## GOAL OF THE EXERCISE
Exactly the lines below from the one with "#341=EDGE_LOOP('',(#971));" up to and including the one with "#558=VERTEX_POINT('',#1944);" make up the answer, with nothing else added.

╭─ DATA TO EXAMINE

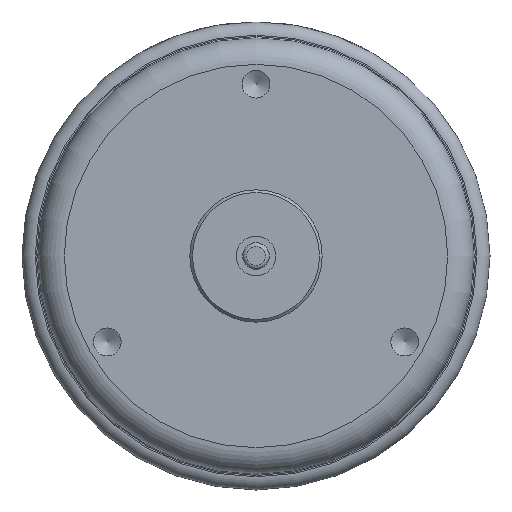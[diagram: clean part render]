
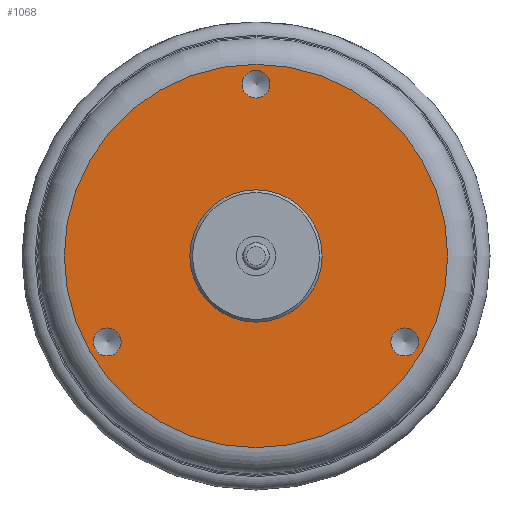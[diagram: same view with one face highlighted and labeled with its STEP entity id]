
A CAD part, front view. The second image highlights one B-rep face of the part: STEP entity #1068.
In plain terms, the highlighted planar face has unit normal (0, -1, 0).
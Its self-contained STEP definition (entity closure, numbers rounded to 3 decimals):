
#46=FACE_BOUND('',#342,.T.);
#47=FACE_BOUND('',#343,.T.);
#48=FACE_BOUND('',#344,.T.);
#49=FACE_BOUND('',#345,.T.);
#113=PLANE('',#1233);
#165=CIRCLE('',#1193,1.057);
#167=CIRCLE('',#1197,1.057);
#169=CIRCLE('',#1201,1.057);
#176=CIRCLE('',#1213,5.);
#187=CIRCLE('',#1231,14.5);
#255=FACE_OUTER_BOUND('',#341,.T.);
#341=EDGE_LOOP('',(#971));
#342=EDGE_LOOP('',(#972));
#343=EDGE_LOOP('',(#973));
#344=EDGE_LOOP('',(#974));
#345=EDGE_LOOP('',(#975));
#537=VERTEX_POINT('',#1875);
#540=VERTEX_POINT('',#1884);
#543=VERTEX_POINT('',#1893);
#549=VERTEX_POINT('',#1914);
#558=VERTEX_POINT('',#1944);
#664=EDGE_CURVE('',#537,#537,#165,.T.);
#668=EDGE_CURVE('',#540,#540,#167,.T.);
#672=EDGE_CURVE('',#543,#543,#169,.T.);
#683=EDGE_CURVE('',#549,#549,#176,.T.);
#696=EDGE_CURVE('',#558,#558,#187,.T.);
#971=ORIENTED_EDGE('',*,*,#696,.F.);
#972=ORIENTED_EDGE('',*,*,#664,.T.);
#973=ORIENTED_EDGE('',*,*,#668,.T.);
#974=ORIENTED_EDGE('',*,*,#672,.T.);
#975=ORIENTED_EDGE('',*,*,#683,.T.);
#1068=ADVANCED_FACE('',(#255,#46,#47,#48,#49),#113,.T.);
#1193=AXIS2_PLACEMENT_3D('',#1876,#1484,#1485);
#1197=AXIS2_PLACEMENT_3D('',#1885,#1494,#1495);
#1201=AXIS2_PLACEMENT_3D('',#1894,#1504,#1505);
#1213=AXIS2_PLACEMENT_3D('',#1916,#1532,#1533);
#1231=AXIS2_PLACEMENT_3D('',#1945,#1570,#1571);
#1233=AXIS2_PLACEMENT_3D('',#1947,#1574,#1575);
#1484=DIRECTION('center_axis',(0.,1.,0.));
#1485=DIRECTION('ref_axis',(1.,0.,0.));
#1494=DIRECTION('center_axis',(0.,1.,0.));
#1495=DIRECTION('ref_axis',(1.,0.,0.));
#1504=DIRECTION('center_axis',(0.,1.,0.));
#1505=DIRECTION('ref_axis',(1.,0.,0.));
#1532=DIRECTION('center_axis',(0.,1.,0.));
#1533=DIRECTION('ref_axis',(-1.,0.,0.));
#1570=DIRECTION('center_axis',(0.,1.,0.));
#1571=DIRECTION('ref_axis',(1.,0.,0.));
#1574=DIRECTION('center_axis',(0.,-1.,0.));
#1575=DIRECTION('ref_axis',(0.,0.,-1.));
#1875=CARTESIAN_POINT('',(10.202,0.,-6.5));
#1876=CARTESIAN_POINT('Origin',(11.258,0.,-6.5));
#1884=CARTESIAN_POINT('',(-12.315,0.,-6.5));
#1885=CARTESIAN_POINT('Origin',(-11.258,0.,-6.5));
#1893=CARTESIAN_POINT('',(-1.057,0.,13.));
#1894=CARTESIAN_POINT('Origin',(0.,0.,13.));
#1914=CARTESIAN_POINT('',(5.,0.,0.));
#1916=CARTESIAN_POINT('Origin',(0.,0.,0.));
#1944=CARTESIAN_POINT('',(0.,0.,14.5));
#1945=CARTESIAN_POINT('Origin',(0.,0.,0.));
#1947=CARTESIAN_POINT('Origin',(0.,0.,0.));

╰─

## RESULT FOR THIS EXERCISE
#341=EDGE_LOOP('',(#971));
#342=EDGE_LOOP('',(#972));
#343=EDGE_LOOP('',(#973));
#344=EDGE_LOOP('',(#974));
#345=EDGE_LOOP('',(#975));
#537=VERTEX_POINT('',#1875);
#540=VERTEX_POINT('',#1884);
#543=VERTEX_POINT('',#1893);
#549=VERTEX_POINT('',#1914);
#558=VERTEX_POINT('',#1944);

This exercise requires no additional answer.